The content’s theirs whether they win or not, isn’t it? It’s in the EULA when you sign up.
non-exclusive
That means we can license all our content to another company, and Reddit would be forced to allow them to fetch it, as we still own it, right?
Non-exclusive just means you’re free to give a copy of your content to whoever you want. It doesn’t mean Reddit is obligated to distribute it for you.
No. Just because you own a copyright, doesn’t mean that you are entitled to free network services. If you owned the copyright to a movie, would you expect free tickets for any cinema showing it?
It certainly reads that way. Gonna start a Reddit User Collective? Licence it to Anthropic at a discount to undercut Reddit? That could be pretty funny.
That would be legally possible, though, obviously, you would have to pay for your own servers.
In practice, it wouldn’t be worth anyone’s time.
I don’t see why. Users own the content wherever it’s located. Reddit, of course, would be free to remove that content, but that would be cutting off their own nose to spite their face and is also acceptable.
You don’t see why you would need your own servers? Do you see why unauthorized access to a computer system might be illegal?
“The pot sues the kettle, alleging that it is black”
“Reddit’s humanity is uniquely valuable in a world flattened by AI,“ Lee said. ”Now more than ever, people are seeking authentic human-to-human conversation. Reddit hosts nearly 20 years of rich, human discussion on virtually every topic imaginable. These conversations don’t happen anywhere else—and they’re central to training language models like Claude.”
LMAO, reddit’s days of genuine conversations between humans is long gone.
Bots? On Reddit!?
It’s more likely than you think!
Aren’t the copyrights still belonging to the original authors? What is Reddit suing for? The header and the footer? 🤔
This is like one of those cases where I’m kind of hoping they both lose somehow. Neither party are right in this case, Reddit is trying to claim copyright over content they have no rights to, and anthropic shouldn’t be violating copyright without a licence.
But apparently you are actually allowed to violate copyright without a licence if you’re an AI company because apparently llms are the future? So I guess Reddit are going to lose, which will be funny.
Is it violating copyright to browse the web?
“Violating copyright without a licence” is a lovely turn of phrase. You must be the valedictorian of the Lemmy School of Copyright.
Judge finds that anthropic has to pay restitution to the reddit users. Affirms that posts belong to users.
Well, I can dream.
I am squarely on the reddit should lose this side.
Anthropic may be breaking copyright, but not Reddit’s copyright. Sure maybe Anthropic should be sued, but not by Reddit.
Actually this case could be a good thing.
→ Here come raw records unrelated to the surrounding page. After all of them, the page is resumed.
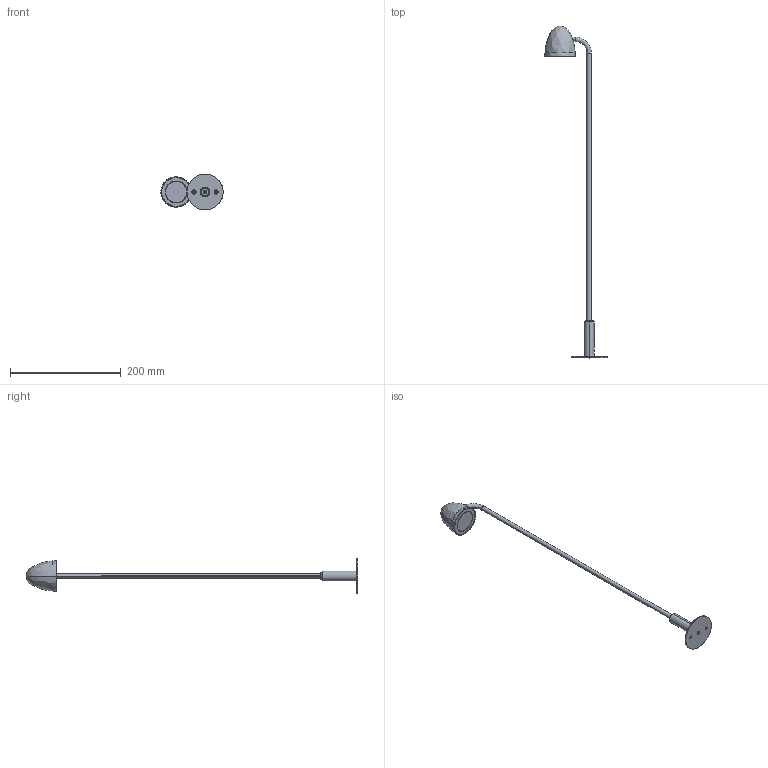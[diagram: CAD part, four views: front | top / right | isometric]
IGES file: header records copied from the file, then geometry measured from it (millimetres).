
Start section: SolidWorks IGES file using analytic representation for surfaces
Global section: file name: L:\Tecnico_PMT\R&D\PROGETTI ROADMAP 2024\OUTDOOR -METIS\Documentazione\3D per sito\POPPY\3D SITO_POPPY_600mm.IGS; native system: SolidWorks 2016; preprocessor: SolidWorks 2016; author: MartinaCorneroILTI; date: 260204.163854; units: millimetre
Bounding box: 112.43 x 599.7 x 65 mm (x, y, z)
Surface area: 53486.2 mm2 (no closed solid volume)
Topology: 0 solids, 0 shells, 104 faces, 2219 edges, 2217 vertices
Faces by surface type: revolution 68, bspline 36
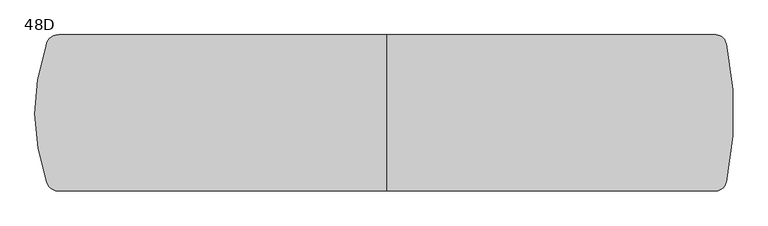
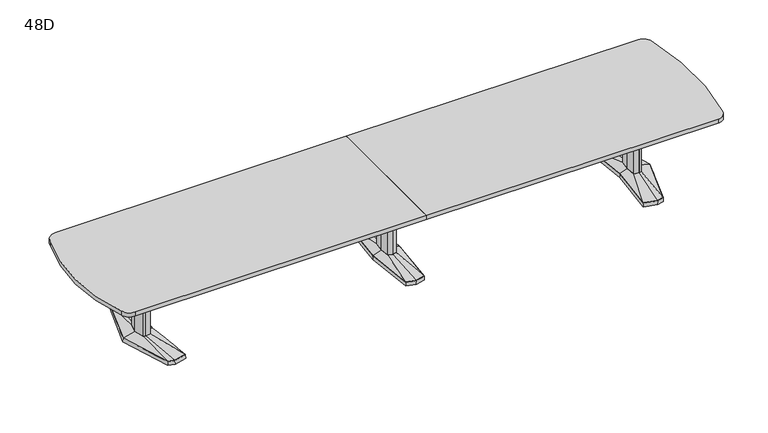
"""IFC4 building model written with IfcOpenShell, lengths in millimetres: furniture geometry, Coalesse_AM_Table_Conference_ETable2_SoftRadiused_18ft_AluminiumBase : 48D."""

from ifc_helpers import new_model, si_unit, point, frame, frame_2d, origin, place, context, project, spatial, polyline, circle_curve, trimmed, segment, composite_curve, outline, extrude, faceted_brep, source, transform, mapped, element, save
from ifc_brep_helpers import plane_surface, spline_surface, advanced_brep


def furniture_48d_4548b4cb(model_context):
    return source(origin(), model_context, "Body", "SolidModel", [
        faceted_brep([(-81.2333791, -433.8053819, 38.1), (0.0, -455.556576, 38.1), (81.2333791, -433.8053819, 38.1), (119.0564774, 0.0, 38.1), (81.2333791, 433.8053819, 38.1), (0.0, 455.556576, 38.1), (-81.2333791, 433.8053819, 38.1), (-119.0564774, 0.0, 38.1), (-82.7182795, -435.0512063, 3.175), (-120.65, 0.0, 3.175), (-82.7182795, 435.0512063, 3.175), (0.0, 457.2, 3.175), (82.7182795, 435.0512063, 3.175), (120.65, 0.0, 3.175), (82.7182795, -435.0512063, 3.175), (0.0, -457.2, 3.175), (0.0, 429.2617927, 3.175), (-77.9676806, 408.3850278, 3.175), (-74.7019821, 382.9646737, 3.175), (0.0, 402.9670094, 3.175), (74.7019821, 382.9646737, 3.175), (77.9676806, 408.3850278, 3.175), (0.0, -429.2617927, 3.175), (77.9676806, -408.3850278, 3.175), (74.7019821, -382.9646737, 3.175), (0.0, -402.9670094, 3.175), (-74.7019821, -382.9646737, 3.175), (-77.9676806, -408.3850278, 3.175), (-71.8574262, 114.6326257, 3.175), (-82.5426076, 0.0, 3.175), (-71.8574262, -114.6326257, 3.175), (0.0, -133.8761372, 3.175), (71.8574262, -114.6326257, 3.175), (82.5426076, 0.0, 3.175), (71.8574262, 114.6326257, 3.175), (0.0, 133.8761372, 3.175), (0.0, 429.2617927, 0.0), (77.9676806, 408.3850278, 0.0), (74.7019821, 382.9646737, 0.0), (0.0, 402.9670094, 0.0), (-74.7019821, 382.9646737, 0.0), (-77.9676806, 408.3850278, 0.0), (0.0, -429.2617927, 0.0), (-77.9676806, -408.3850278, 0.0), (-74.7019821, -382.9646737, 0.0), (0.0, -402.9670094, 0.0), (74.7019821, -382.9646737, 0.0), (77.9676806, -408.3850278, 0.0), (-71.8574262, 114.6326257, 0.0), (0.0, 133.8761372, 0.0), (71.8574262, 114.6326257, 0.0), (82.5426076, 0.0, 0.0), (71.8574262, -114.6326257, 0.0), (0.0, -133.8761372, 0.0), (-71.8574262, -114.6326257, 0.0), (-82.5426076, 0.0, 0.0)], [[[0, 1, 2, 3, 4, 5, 6, 7]], [[8, 9, 10, 11, 12, 13, 14, 15], [16, 17, 18, 19, 20, 21], [22, 23, 24, 25, 26, 27], [28, 29, 30, 31, 32, 33, 34, 35]], [[1, 0, 8, 15]], [[2, 1, 15, 14]], [[3, 2, 14, 13]], [[4, 3, 13, 12]], [[5, 4, 12, 11]], [[6, 5, 11, 10]], [[7, 6, 10, 9]], [[0, 7, 9, 8]], [[36, 37, 38, 39, 40, 41]], [[42, 43, 44, 45, 46, 47]], [[48, 49, 50, 51, 52, 53, 54, 55]], [[36, 41, 17, 16]], [[41, 40, 18, 17]], [[40, 39, 19, 18]], [[39, 38, 20, 19]], [[38, 37, 21, 20]], [[37, 36, 16, 21]], [[42, 47, 23, 22]], [[47, 46, 24, 23]], [[46, 45, 25, 24]], [[45, 44, 26, 25]], [[44, 43, 27, 26]], [[43, 42, 22, 27]], [[48, 55, 29, 28]], [[55, 54, 30, 29]], [[54, 53, 31, 30]], [[53, 52, 32, 31]], [[52, 51, 33, 32]], [[51, 50, 34, 33]], [[50, 49, 35, 34]], [[49, 48, 28, 35]]]),
        faceted_brep([(-36.3832834, 84.6900825, 698.5), (-44.2774487, 0.0, 698.5), (-36.3832834, -84.6900825, 698.5), (0.0, -94.4335728, 698.5), (36.3832834, -84.6900825, 698.5), (44.2774487, 0.0, 698.5), (36.3832834, 84.6900825, 698.5), (0.0, 94.4335728, 698.5), (-36.3832834, 84.6900825, 63.5), (0.0, 94.4335728, 63.5), (36.3832834, 84.6900825, 63.5), (44.2774487, 0.0, 63.5), (36.3832834, -84.6900825, 63.5), (0.0, -94.4335728, 63.5), (-36.3832834, -84.6900825, 63.5), (-44.2774487, 0.0, 63.5)], [[[0, 1, 2, 3, 4, 5, 6, 7]], [[8, 9, 10, 11, 12, 13, 14, 15]], [[1, 0, 8, 15]], [[2, 1, 15, 14]], [[3, 2, 14, 13]], [[4, 3, 13, 12]], [[5, 4, 12, 11]], [[6, 5, 11, 10]], [[7, 6, 10, 9]], [[0, 7, 9, 8]]]),
        advanced_brep(
        [(-36.3832834, 84.6900825, 63.5), (-44.2774487, 0.0, 63.5), (-36.3832834, -84.6900825, 63.5), (0.0, -94.4335728, 63.5), (36.3832834, -84.6900825, 63.5), (44.2774487, 0.0, 63.5), (36.3832834, 84.6900825, 63.5), (0.0, 94.4335728, 63.5), (-81.2333791, 433.8053819, 38.1), (0.0, 455.556576, 38.1), (81.2333791, 433.8053819, 38.1), (119.0564774, 0.0, 38.1), (81.2333791, -433.8053819, 38.1), (0.0, -455.556576, 38.1), (-81.2333791, -433.8053819, 38.1), (-119.0564774, 0.0, 38.1)],
        [
            (0, 1),
            (1, 2),
            (2, 3),
            (3, 4),
            (4, 5),
            (5, 6),
            (6, 7),
            (7, 0),
            (8, 9),
            (9, 10),
            (10, 11),
            (11, 12),
            (12, 13),
            (13, 14),
            (14, 15),
            (15, 8),
            (15, 1),
            (0, 8),
            (14, 2),
            (13, 3),
            (12, 4),
            (11, 5),
            (10, 6),
            (9, 7),
        ],
        [
            plane_surface(frame((0.0, 0.0, 63.5), z_axis=(0.0, 0.0, 1.0000000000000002), x_axis=(-0.9659615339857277, -0.25868574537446, 0.0))),
            plane_surface(frame((0.0, 0.0, 38.1), z_axis=(0.0, 0.0, -1.0000000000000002), x_axis=(-0.9659615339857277, -0.25868574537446, 0.0))),
            spline_surface(1, 1, [[(-81.2333791, 433.8053819, 38.1), (-36.3832834, 84.6900825, 63.5)], [(-119.0564774, 0.0, 38.1), (-44.2774487, 0.0, 63.5)]], [2, 2], [2, 2], [0.0, 1.0], [0.0, 1.0]),
            spline_surface(1, 1, [[(-119.0564774, 0.0, 38.1), (-44.2774487, 0.0, 63.5)], [(-81.2333791, -433.8053819, 38.1), (-36.3832834, -84.6900825, 63.5)]], [2, 2], [2, 2], [0.0, 1.0], [0.0, 1.0]),
            spline_surface(1, 1, [[(-81.2333791, -433.8053819, 38.1), (-36.3832834, -84.6900825, 63.5)], [(0.0, -455.556576, 38.1), (0.0, -94.4335728, 63.5)]], [2, 2], [2, 2], [0.0, 1.0], [0.0, 1.0]),
            spline_surface(1, 1, [[(0.0, -455.556576, 38.1), (0.0, -94.4335728, 63.5)], [(81.2333791, -433.8053819, 38.1), (36.3832834, -84.6900825, 63.5)]], [2, 2], [2, 2], [0.0, 1.0], [0.0, 1.0]),
            spline_surface(1, 1, [[(81.2333791, -433.8053819, 38.1), (36.3832834, -84.6900825, 63.5)], [(119.0564774, 0.0, 38.1), (44.2774487, 0.0, 63.5)]], [2, 2], [2, 2], [0.0, 1.0], [0.0, 1.0]),
            spline_surface(1, 1, [[(119.0564774, 0.0, 38.1), (44.2774487, 0.0, 63.5)], [(81.2333791, 433.8053819, 38.1), (36.3832834, 84.6900825, 63.5)]], [2, 2], [2, 2], [0.0, 1.0], [0.0, 1.0]),
            spline_surface(1, 1, [[(81.2333791, 433.8053819, 38.1), (36.3832834, 84.6900825, 63.5)], [(0.0, 455.556576, 38.1), (0.0, 94.4335728, 63.5)]], [2, 2], [2, 2], [0.0, 1.0], [0.0, 1.0]),
            spline_surface(1, 1, [[(0.0, 455.556576, 38.1), (0.0, 94.4335728, 63.5)], [(-81.2333791, 433.8053819, 38.1), (-36.3832834, 84.6900825, 63.5)]], [2, 2], [2, 2], [0.0, 1.0], [0.0, 1.0]),
        ],
        [
            (0, [[1, 2, 3, 4, 5, 6, 7, 8]]),
            (1, [[9, 10, 11, 12, 13, 14, 15, 16]]),
            (2, [[-16, 17, -1, 18]]),
            (3, [[-15, 19, -2, -17]]),
            (4, [[-14, 20, -3, -19]]),
            (5, [[-13, 21, -4, -20]]),
            (6, [[-12, 22, -5, -21]]),
            (7, [[-11, 23, -6, -22]]),
            (8, [[-10, 24, -7, -23]]),
            (9, [[-9, -18, -8, -24]]),
        ],
    ),
        faceted_brep([(2125.0306835, 455.5848221, 38.1), (2015.4531277, 426.2263816, 38.1), (2056.6163717, 0.0, 38.1), (2015.4531277, -426.2263816, 38.1), (2125.0306835, -455.5848221, 38.1), (2181.1570396, -440.5478297, 38.1), (2318.4684269, 0.0, 38.1), (2181.1570396, 440.5478297, 38.1), (2125.0306754, 457.2283104, 3.175), (2182.4124472, 441.8549756, 3.175), (2320.13125, 0.0, 3.175), (2182.4124472, -441.8549756, 3.175), (2125.0306754, -457.2283104, 3.175), (2013.74375, -427.4118891, 3.175), (2055.0214856, 0.0, 3.175), (2013.74375, 427.4118891, 3.175), (2128.620115, 428.3273875, 3.175), (2023.5718228, 402.1057253, 3.175), (2031.690518, 377.985069, 3.175), (2132.2095466, 401.0699529, 3.175), (2182.7691725, 387.524361, 3.175), (2181.9631061, 414.0360954, 3.175), (2128.620115, -428.3273875, 3.175), (2181.9631061, -414.0360954, 3.175), (2182.7691725, -387.524361, 3.175), (2132.2095466, -401.0699529, 3.175), (2031.690518, -377.985069, 3.175), (2023.5718228, -402.1057253, 3.175), (2255.2153621, 0.0, 3.175), (2222.9459611, 120.4193755, 3.175), (2174.2987222, 133.471665, 3.175), (2094.4180526, 119.4176561, 3.175), (2083.2868466, 0.0, 3.175), (2094.4180526, -119.4176561, 3.175), (2174.2987222, -133.471665, 3.175), (2222.9459611, -120.4193755, 3.175), (2128.620115, 428.3273875, 0.0), (2181.9631061, 414.0360954, 0.0), (2182.7691725, 387.524361, 0.0), (2132.2095466, 401.0699529, 0.0), (2031.690518, 377.985069, 0.0), (2023.5718228, 402.1057253, 0.0), (2128.620115, -428.3273875, 0.0), (2023.5718228, -402.1057253, 0.0), (2031.690518, -377.985069, 0.0), (2132.2095466, -401.0699529, 0.0), (2182.7691725, -387.524361, 0.0), (2181.9631061, -414.0360954, 0.0), (2255.2153621, 0.0, 0.0), (2222.9459611, -120.4193755, 0.0), (2174.2987222, -133.471665, 0.0), (2094.4180526, -119.4176561, 0.0), (2083.2868466, 0.0, 0.0), (2094.4180526, 119.4176561, 0.0), (2174.2987222, 133.471665, 0.0), (2222.9459611, 120.4193755, 0.0)], [[[0, 1, 2, 3, 4, 5, 6, 7]], [[8, 9, 10, 11, 12, 13, 14, 15], [16, 17, 18, 19, 20, 21], [22, 23, 24, 25, 26, 27], [28, 29, 30, 31, 32, 33, 34, 35]], [[7, 9, 8, 0]], [[6, 10, 9, 7]], [[5, 11, 10, 6]], [[4, 12, 11, 5]], [[3, 13, 12, 4]], [[2, 14, 13, 3]], [[1, 15, 14, 2]], [[0, 8, 15, 1]], [[36, 37, 38, 39, 40, 41]], [[42, 43, 44, 45, 46, 47]], [[48, 49, 50, 51, 52, 53, 54, 55]], [[36, 16, 21, 37]], [[37, 21, 20, 38]], [[38, 20, 19, 39]], [[39, 19, 18, 40]], [[40, 18, 17, 41]], [[41, 17, 16, 36]], [[42, 22, 27, 43]], [[43, 27, 26, 44]], [[44, 26, 25, 45]], [[45, 25, 24, 46]], [[46, 24, 23, 47]], [[47, 23, 22, 42]], [[48, 28, 35, 49]], [[49, 35, 34, 50]], [[50, 34, 33, 51]], [[51, 33, 32, 52]], [[52, 32, 31, 53]], [[53, 31, 30, 54]], [[54, 30, 29, 55]], [[55, 29, 28, 48]]]),
        faceted_brep([(2215.7710836, 0.0, 698.5), (2191.8358546, 89.3188359, 698.5), (2174.9824984, 93.8406728, 698.5), (2172.5826511, 94.4845635, 698.5), (2129.655146, 86.9320037, 698.5), (2121.5520056, 0.0, 698.5), (2129.655146, -86.9320037, 698.5), (2172.5826511, -94.4845635, 698.5), (2174.9824984, -93.8406728, 698.5), (2191.8358546, -89.3188359, 698.5), (2215.7710836, 0.0, 63.5), (2191.8358546, -89.3188359, 63.5), (2174.9824984, -93.8406728, 63.5), (2172.5826511, -94.4845635, 63.5), (2129.655146, -86.9320037, 63.5), (2121.5520056, 0.0, 63.5), (2129.655146, 86.9320037, 63.5), (2172.5826511, 94.4845635, 63.5), (2174.9824984, 93.8406728, 63.5), (2191.8358546, 89.3188359, 63.5)], [[[0, 1, 2, 3, 4, 5, 6, 7, 8, 9]], [[10, 11, 12, 13, 14, 15, 16, 17, 18, 19]], [[9, 11, 10, 0]], [[8, 12, 11, 9]], [[7, 13, 12, 8]], [[6, 14, 13, 7]], [[5, 15, 14, 6]], [[4, 16, 15, 5]], [[3, 17, 16, 4]], [[2, 18, 17, 3]], [[1, 19, 18, 2]], [[0, 10, 19, 1]]]),
        advanced_brep(
        [(2172.5826511, 94.4845635, 63.5), (2129.655146, 86.9320037, 63.5), (2121.5520056, 0.0, 63.5), (2129.655146, -86.9320037, 63.5), (2172.5826511, -94.4845635, 63.5), (2191.8358546, -89.3188359, 63.5), (2215.7710836, 0.0, 63.5), (2191.8358546, 89.3188359, 63.5), (2125.0306835, 455.5848221, 38.1), (2181.1570396, 440.5478297, 38.1), (2318.4684269, 0.0, 38.1), (2181.1570396, -440.5478297, 38.1), (2125.0306835, -455.5848221, 38.1), (2015.4531277, -426.2263816, 38.1), (2056.6163717, 0.0, 38.1), (2015.4531277, 426.2263816, 38.1)],
        [
            (0, 1),
            (1, 2),
            (2, 3),
            (3, 4),
            (4, 5),
            (5, 6),
            (6, 7),
            (7, 0),
            (8, 9),
            (9, 10),
            (10, 11),
            (11, 12),
            (12, 13),
            (13, 14),
            (14, 15),
            (15, 8),
            (8, 0),
            (7, 9),
            (6, 10),
            (5, 11),
            (4, 12),
            (3, 13),
            (2, 14),
            (1, 15),
        ],
        [
            plane_surface(frame((2165.6837991, 0.0, 63.5), z_axis=(0.0, 0.0, 1.0), x_axis=(-0.25884244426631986, -0.9659195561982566, 0.0))),
            plane_surface(frame((2127.2958125, 0.0, 38.1), z_axis=(0.0, 0.0, -1.0), x_axis=(-0.25884244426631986, -0.9659195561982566, 0.0))),
            spline_surface(1, 1, [[(2125.0306835, 455.5848221, 38.1), (2181.1570396, 440.5478297, 38.1)], [(2172.5826511, 94.4845635, 63.5), (2191.8358546, 89.3188359, 63.5)]], [2, 2], [2, 2], [0.0, 1.0], [0.0, 1.0]),
            spline_surface(1, 1, [[(2181.1570396, 440.5478297, 38.1), (2318.4684269, 0.0, 38.1)], [(2191.8358546, 89.3188359, 63.5), (2215.7710836, 0.0, 63.5)]], [2, 2], [2, 2], [0.0, 1.0], [0.0, 1.0]),
            spline_surface(1, 1, [[(2318.4684269, 0.0, 38.1), (2181.1570396, -440.5478297, 38.1)], [(2215.7710836, 0.0, 63.5), (2191.8358546, -89.3188359, 63.5)]], [2, 2], [2, 2], [0.0, 1.0], [0.0, 1.0]),
            spline_surface(1, 1, [[(2181.1570396, -440.5478297, 38.1), (2125.0306835, -455.5848221, 38.1)], [(2191.8358546, -89.3188359, 63.5), (2172.5826511, -94.4845635, 63.5)]], [2, 2], [2, 2], [0.0, 1.0], [0.0, 1.0]),
            spline_surface(1, 1, [[(2125.0306835, -455.5848221, 38.1), (2015.4531277, -426.2263816, 38.1)], [(2172.5826511, -94.4845635, 63.5), (2129.655146, -86.9320037, 63.5)]], [2, 2], [2, 2], [0.0, 1.0], [0.0, 1.0]),
            spline_surface(1, 1, [[(2015.4531277, -426.2263816, 38.1), (2056.6163717, 0.0, 38.1)], [(2129.655146, -86.9320037, 63.5), (2121.5520056, 0.0, 63.5)]], [2, 2], [2, 2], [0.0, 1.0], [0.0, 1.0]),
            spline_surface(1, 1, [[(2056.6163717, 0.0, 38.1), (2015.4531277, 426.2263816, 38.1)], [(2121.5520056, 0.0, 63.5), (2129.655146, 86.9320037, 63.5)]], [2, 2], [2, 2], [0.0, 1.0], [0.0, 1.0]),
            spline_surface(1, 1, [[(2015.4531277, 426.2263816, 38.1), (2125.0306835, 455.5848221, 38.1)], [(2129.655146, 86.9320037, 63.5), (2172.5826511, 94.4845635, 63.5)]], [2, 2], [2, 2], [0.0, 1.0], [0.0, 1.0]),
        ],
        [
            (0, [[1, 2, 3, 4, 5, 6, 7, 8]]),
            (1, [[9, 10, 11, 12, 13, 14, 15, 16]]),
            (2, [[17, -8, 18, -9]]),
            (3, [[-18, -7, 19, -10]]),
            (4, [[-19, -6, 20, -11]]),
            (5, [[-20, -5, 21, -12]]),
            (6, [[-21, -4, 22, -13]]),
            (7, [[-22, -3, 23, -14]]),
            (8, [[-23, -2, 24, -15]]),
            (9, [[-24, -1, -17, -16]]),
        ],
    ),
        faceted_brep([(-2125.0306835, 455.5848221, 38.1), (-2181.1570396, 440.5478297, 38.1), (-2318.4684269, 0.0, 38.1), (-2181.1570396, -440.5478297, 38.1), (-2125.0306835, -455.5848221, 38.1), (-2015.4531277, -426.2263816, 38.1), (-2056.6163717, 0.0, 38.1), (-2015.4531277, 426.2263816, 38.1), (-2125.0306754, 457.2283104, 3.175), (-2013.74375, 427.4118891, 3.175), (-2055.0214856, 0.0, 3.175), (-2013.74375, -427.4118891, 3.175), (-2125.0306754, -457.2283104, 3.175), (-2182.4124472, -441.8549756, 3.175), (-2320.13125, 0.0, 3.175), (-2182.4124472, 441.8549756, 3.175), (-2128.620115, 428.3273875, 3.175), (-2181.9631061, 414.0360954, 3.175), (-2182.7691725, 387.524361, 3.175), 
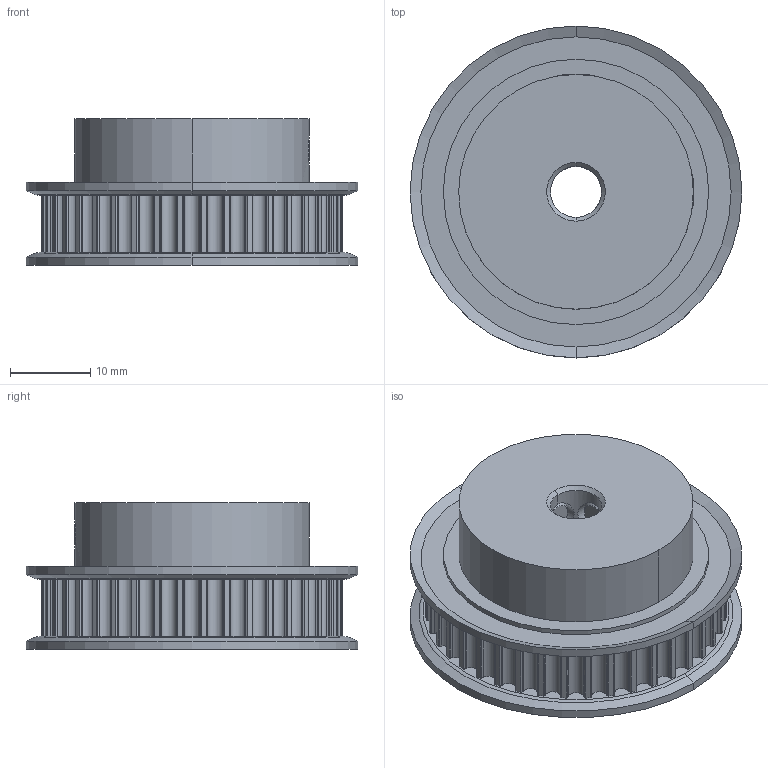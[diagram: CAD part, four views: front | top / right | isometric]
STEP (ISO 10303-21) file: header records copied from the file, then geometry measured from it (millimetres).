
FILE_DESCRIPTION((''),'2;1');
FILE_NAME('15','2024-10-16T23:14:33',('Administrator'),(''),'CREO PARAMETRIC BY PTC INC, 2020184','CREO PARAMETRIC BY PTC INC, 2020184','');
FILE_SCHEMA(('AUTOMOTIVE_DESIGN { 1 0 10303 214 1 1 1 1 }'));
Length unit declared in the file: inch
Products named in the file (1): 15
Bounding box: 41.3 x 41.3 x 18.28 mm (x, y, z)
Volume: 15749.3 mm3; surface area: 6025.1 mm2
Topology: 1 solids, 1 shells, 309 faces, 883 edges, 590 vertices
Faces by surface type: cylinder 260, plane 25, cone 20, torus 4
Entity records: 10967 total; most frequent: CARTESIAN_POINT 2159, DIRECTION 2045, ORIENTED_EDGE 1756, EDGE_CURVE 878, AXIS2_PLACEMENT_3D 860, VERTEX_POINT 580, CIRCLE 550, VECTOR 325

The whole question of who owns user generated content needs hashing out, because no one seems to actually know.
Obviously the logical answer would be that the people who created it own the content, but that’s never been officially decided.
The whole question of who owns user generated content needs hashing out, because no one seems to actually know.
It’s billionaires. They know. They just sometimes squable over it like two year olds. But they know. They pay lawyers to make it clear in thousand page terms of service documents.
Because that’s the only common sense conclusion to make, but that doesnt make rich fucks more money
You mean Reddit, the company that would be very happy if Anthropic did the exact same thing, but paid Reddit first?
hope reddit loses
Spez can forever get fucked
while half of reddit is infested with propaganda bots from russia.
Not just Russia.
Israel, US, China, North Korea, India and other countries… Nuclear Lobby, Fossil Fuel Lobby and countless other industry lobbyists… Private companies advertising their products…
But have you seen Rampart?
First of all, I have not seen it, and second off, I don’t want to see it. Lets focus on the Reddit lawsuit.